____ Record extracts
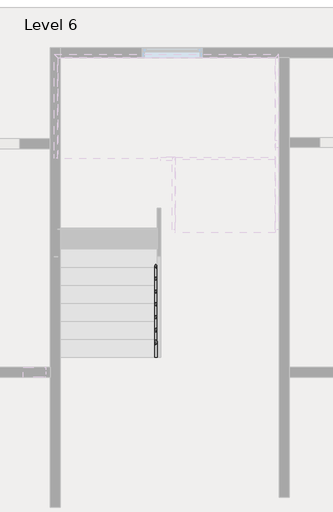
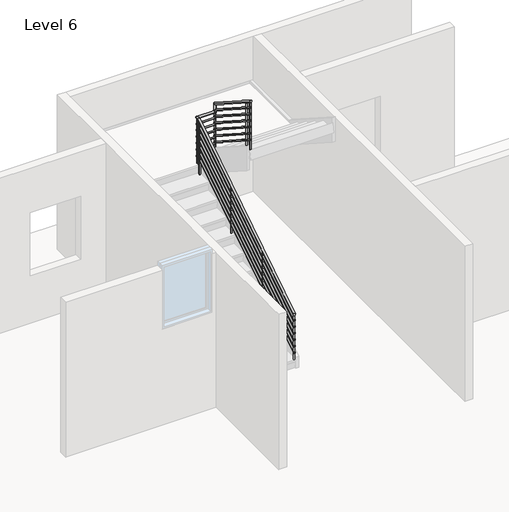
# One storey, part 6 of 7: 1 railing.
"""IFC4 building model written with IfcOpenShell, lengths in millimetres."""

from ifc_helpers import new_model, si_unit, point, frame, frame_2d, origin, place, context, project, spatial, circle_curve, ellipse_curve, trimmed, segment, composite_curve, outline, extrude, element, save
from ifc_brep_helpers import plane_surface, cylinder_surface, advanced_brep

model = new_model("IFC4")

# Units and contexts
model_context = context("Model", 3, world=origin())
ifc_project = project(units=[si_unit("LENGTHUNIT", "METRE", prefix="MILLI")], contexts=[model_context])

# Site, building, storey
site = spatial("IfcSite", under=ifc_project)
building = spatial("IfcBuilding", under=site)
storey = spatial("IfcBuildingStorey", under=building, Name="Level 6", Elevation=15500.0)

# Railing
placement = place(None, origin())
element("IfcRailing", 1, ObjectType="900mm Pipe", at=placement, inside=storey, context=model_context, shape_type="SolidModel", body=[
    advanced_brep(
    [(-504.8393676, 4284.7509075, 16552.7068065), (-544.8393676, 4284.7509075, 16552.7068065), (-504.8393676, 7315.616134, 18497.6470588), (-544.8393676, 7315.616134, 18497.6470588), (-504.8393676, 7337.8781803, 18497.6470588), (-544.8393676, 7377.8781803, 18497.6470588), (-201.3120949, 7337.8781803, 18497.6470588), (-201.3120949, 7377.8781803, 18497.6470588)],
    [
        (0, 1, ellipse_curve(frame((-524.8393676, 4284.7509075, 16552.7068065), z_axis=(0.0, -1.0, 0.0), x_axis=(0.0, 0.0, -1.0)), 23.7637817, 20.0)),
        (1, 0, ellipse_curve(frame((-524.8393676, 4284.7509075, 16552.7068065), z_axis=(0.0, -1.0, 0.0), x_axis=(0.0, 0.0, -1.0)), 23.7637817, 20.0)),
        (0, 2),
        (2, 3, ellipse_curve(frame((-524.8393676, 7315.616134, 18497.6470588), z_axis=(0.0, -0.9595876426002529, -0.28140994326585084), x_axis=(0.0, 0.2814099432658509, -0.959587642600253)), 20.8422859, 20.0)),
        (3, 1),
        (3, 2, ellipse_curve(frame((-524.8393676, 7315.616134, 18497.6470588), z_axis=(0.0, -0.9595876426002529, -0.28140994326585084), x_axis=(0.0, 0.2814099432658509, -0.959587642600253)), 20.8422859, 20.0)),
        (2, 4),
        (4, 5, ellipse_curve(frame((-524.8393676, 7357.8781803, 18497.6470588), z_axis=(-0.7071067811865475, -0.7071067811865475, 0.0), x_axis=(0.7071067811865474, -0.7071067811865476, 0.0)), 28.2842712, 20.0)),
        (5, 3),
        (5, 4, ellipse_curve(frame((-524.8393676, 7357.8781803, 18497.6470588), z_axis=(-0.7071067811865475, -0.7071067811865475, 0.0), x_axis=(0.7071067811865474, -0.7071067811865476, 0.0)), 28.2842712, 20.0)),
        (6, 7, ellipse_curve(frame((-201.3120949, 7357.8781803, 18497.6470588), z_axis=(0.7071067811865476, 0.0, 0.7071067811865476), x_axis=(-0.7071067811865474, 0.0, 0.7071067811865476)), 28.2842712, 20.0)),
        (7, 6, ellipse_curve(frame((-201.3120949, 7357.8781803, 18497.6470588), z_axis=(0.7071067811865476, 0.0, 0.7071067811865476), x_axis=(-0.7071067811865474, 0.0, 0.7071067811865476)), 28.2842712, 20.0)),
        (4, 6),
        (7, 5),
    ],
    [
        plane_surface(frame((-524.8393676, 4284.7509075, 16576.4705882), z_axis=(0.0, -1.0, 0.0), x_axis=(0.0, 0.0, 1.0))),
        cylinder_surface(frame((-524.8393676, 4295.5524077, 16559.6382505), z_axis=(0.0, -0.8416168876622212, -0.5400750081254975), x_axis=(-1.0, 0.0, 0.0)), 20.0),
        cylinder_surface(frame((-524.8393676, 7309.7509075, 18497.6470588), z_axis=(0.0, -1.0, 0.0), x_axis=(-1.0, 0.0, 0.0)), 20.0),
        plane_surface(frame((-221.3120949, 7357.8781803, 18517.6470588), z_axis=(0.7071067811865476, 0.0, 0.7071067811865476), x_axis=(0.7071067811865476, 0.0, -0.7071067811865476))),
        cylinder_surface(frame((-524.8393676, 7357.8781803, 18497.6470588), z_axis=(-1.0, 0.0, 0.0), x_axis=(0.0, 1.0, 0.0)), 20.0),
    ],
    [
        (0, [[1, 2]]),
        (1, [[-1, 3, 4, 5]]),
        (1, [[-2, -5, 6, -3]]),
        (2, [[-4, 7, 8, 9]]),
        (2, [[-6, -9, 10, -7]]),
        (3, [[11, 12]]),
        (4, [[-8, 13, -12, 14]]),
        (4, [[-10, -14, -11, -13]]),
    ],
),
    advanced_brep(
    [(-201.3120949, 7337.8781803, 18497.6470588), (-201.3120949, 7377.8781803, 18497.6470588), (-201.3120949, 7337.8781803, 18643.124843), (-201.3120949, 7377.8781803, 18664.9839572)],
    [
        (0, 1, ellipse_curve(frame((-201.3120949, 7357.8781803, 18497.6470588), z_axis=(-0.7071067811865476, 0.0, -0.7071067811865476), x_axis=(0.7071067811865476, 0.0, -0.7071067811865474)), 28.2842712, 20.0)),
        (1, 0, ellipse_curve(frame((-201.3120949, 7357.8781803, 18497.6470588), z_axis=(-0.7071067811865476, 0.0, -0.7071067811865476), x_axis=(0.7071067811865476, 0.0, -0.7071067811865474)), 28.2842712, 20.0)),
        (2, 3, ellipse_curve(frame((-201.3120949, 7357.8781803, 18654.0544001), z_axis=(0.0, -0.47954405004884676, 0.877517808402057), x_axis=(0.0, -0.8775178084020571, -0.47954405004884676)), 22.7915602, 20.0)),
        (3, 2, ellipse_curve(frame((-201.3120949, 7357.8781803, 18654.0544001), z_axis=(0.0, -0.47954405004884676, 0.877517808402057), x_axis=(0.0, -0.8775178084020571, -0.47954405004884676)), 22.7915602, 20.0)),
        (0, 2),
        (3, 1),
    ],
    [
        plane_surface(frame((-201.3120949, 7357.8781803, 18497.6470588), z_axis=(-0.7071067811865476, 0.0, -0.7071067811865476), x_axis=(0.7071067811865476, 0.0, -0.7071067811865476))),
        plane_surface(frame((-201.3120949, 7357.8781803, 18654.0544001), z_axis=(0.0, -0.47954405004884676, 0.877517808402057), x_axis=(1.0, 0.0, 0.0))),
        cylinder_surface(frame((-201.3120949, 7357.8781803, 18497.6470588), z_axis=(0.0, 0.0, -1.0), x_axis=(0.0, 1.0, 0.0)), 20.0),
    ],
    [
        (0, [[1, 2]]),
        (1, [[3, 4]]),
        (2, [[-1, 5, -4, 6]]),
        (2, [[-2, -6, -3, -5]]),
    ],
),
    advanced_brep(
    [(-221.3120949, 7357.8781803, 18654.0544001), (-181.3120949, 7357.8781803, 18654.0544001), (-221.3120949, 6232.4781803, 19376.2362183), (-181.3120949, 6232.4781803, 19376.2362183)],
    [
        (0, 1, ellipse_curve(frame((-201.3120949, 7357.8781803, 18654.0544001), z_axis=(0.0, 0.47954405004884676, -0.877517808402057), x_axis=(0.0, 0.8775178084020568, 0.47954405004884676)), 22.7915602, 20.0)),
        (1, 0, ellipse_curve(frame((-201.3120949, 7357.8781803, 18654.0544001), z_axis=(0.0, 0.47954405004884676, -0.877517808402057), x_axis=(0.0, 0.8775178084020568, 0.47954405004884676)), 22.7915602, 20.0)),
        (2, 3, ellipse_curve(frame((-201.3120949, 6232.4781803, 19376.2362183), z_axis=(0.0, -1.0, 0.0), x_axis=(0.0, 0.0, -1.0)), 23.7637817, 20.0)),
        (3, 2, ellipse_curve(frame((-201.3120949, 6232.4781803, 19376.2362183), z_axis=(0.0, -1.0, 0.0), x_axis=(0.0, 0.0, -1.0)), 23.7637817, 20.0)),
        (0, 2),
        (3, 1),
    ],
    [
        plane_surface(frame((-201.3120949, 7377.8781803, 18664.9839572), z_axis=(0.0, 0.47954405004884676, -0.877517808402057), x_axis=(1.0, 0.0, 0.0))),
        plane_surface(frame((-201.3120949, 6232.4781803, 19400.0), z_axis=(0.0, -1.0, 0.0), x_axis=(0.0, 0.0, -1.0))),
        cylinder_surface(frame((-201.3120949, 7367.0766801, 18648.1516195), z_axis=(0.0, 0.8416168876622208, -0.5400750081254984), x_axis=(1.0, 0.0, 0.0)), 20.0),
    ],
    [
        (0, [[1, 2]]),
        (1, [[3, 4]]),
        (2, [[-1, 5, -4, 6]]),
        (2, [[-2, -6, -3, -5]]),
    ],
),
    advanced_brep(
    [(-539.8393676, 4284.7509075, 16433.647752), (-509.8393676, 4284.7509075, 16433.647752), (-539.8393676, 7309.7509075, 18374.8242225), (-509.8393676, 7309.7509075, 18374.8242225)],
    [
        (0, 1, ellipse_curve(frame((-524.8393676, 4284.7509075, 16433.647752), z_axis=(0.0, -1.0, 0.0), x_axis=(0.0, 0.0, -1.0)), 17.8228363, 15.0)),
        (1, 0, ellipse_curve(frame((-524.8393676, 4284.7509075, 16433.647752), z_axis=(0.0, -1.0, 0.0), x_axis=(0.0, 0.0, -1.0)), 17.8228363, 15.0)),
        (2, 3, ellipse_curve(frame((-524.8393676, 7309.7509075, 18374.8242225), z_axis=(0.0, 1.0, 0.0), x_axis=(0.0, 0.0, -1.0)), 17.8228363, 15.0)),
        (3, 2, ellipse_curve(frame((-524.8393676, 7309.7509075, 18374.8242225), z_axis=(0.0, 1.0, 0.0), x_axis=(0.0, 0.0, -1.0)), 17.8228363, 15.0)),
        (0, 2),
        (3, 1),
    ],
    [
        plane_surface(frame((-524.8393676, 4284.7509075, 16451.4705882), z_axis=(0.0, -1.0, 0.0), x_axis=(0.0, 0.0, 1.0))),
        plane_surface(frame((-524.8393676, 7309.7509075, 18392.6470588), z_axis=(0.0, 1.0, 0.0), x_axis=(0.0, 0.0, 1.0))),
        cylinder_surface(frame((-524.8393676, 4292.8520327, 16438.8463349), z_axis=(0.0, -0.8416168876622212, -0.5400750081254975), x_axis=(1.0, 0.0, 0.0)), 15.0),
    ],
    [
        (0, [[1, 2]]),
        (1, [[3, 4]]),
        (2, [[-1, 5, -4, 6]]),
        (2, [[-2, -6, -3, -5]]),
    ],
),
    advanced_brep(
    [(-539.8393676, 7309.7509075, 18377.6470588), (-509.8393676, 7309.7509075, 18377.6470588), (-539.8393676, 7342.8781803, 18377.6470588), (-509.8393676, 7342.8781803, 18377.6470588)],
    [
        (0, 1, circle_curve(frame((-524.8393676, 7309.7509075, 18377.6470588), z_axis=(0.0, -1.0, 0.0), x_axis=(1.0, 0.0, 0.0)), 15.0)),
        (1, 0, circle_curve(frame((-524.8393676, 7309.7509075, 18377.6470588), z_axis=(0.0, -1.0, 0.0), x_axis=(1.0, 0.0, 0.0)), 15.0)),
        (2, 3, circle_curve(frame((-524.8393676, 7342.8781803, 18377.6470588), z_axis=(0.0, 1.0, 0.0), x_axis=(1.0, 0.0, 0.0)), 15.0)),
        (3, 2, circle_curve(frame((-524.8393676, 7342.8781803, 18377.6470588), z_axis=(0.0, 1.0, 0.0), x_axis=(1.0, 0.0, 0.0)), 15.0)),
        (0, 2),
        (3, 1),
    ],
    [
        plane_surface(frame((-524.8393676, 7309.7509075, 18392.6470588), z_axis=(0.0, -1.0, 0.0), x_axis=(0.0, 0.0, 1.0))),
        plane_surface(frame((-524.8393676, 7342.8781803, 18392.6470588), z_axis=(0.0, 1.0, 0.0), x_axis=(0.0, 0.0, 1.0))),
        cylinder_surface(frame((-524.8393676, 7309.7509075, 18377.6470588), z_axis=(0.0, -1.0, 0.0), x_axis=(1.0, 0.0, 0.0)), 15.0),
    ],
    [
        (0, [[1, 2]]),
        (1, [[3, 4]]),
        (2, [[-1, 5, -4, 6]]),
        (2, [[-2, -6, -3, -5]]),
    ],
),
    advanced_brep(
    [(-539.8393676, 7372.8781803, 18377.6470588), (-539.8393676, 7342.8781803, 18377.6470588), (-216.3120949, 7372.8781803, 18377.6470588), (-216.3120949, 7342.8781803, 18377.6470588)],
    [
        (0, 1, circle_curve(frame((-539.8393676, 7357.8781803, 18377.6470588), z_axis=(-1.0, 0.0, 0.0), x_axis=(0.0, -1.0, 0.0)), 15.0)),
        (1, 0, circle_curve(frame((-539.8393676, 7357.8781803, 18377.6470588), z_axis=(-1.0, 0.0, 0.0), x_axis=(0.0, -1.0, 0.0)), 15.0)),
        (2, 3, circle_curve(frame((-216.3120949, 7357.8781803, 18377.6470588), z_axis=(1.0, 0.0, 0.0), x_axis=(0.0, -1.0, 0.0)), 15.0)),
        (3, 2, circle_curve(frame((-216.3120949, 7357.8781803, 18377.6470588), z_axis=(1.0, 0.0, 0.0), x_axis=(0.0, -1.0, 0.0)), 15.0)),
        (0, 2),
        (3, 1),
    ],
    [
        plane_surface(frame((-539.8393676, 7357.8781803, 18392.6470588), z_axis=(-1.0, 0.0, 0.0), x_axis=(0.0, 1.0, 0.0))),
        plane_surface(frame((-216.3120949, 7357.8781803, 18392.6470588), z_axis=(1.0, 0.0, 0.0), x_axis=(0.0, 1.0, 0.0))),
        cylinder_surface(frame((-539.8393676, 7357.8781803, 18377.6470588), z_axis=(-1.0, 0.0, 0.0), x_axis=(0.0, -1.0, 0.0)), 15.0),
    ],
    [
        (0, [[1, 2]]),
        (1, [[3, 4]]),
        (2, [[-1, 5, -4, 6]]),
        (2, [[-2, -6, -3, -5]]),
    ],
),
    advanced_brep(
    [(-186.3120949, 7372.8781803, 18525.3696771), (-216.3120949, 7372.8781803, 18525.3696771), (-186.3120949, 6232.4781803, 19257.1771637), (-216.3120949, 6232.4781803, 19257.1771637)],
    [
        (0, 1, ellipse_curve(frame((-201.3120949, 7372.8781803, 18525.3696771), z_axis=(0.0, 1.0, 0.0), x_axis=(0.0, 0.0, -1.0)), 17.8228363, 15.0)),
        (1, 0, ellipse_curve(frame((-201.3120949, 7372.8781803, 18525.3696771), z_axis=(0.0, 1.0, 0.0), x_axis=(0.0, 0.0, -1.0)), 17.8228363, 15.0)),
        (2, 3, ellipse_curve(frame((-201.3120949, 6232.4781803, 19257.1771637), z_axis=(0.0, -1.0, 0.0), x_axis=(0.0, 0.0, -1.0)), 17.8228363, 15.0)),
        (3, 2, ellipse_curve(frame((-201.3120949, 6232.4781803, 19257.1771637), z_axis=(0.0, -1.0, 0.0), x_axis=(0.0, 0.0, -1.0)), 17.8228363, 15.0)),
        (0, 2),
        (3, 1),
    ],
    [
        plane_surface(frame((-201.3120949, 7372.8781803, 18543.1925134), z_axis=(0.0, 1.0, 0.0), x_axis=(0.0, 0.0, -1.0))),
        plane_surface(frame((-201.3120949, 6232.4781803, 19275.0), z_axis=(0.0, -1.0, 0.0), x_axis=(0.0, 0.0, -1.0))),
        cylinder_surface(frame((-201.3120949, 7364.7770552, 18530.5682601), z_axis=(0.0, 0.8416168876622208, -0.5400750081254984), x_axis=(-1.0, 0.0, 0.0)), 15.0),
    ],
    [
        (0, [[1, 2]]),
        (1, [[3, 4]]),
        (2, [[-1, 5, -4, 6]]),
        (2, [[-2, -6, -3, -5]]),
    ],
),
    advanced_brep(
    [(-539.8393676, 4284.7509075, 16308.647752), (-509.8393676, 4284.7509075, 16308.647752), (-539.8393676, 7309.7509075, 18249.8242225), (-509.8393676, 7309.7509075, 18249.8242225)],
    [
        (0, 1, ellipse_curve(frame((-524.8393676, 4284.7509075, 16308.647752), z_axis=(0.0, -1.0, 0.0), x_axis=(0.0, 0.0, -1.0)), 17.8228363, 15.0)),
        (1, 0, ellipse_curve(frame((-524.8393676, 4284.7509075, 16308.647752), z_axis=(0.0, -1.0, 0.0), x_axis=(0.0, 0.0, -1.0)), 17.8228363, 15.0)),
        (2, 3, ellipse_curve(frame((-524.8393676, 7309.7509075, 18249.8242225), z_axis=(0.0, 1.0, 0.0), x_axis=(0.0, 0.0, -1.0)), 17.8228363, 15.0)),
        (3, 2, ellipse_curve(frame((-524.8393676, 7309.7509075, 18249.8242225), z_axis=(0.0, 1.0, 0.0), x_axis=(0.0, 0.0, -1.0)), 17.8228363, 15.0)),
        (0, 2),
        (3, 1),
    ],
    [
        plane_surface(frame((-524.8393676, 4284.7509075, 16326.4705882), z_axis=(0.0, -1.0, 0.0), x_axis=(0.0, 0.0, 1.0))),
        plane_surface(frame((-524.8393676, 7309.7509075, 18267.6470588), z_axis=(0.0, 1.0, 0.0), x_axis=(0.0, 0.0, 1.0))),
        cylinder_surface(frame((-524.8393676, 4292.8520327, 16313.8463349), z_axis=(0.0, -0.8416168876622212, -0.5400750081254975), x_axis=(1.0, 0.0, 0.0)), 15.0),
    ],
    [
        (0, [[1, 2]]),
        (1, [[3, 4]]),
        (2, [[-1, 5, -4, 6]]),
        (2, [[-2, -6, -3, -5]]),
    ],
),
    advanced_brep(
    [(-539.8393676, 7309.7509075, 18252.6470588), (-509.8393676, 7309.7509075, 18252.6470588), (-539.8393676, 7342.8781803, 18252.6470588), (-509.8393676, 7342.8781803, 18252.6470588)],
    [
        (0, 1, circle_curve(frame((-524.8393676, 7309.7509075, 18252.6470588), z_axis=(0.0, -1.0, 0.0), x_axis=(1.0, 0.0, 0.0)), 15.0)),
________
Work required.
Scan the material above for "under". Copy every line where it appears.

Result for this exercise.
site = spatial("IfcSite", under=ifc_project)
building = spatial("IfcBuilding", under=site)
storey = spatial("IfcBuildingStorey", under=building, Name="Level 6", Elevation=15500.0)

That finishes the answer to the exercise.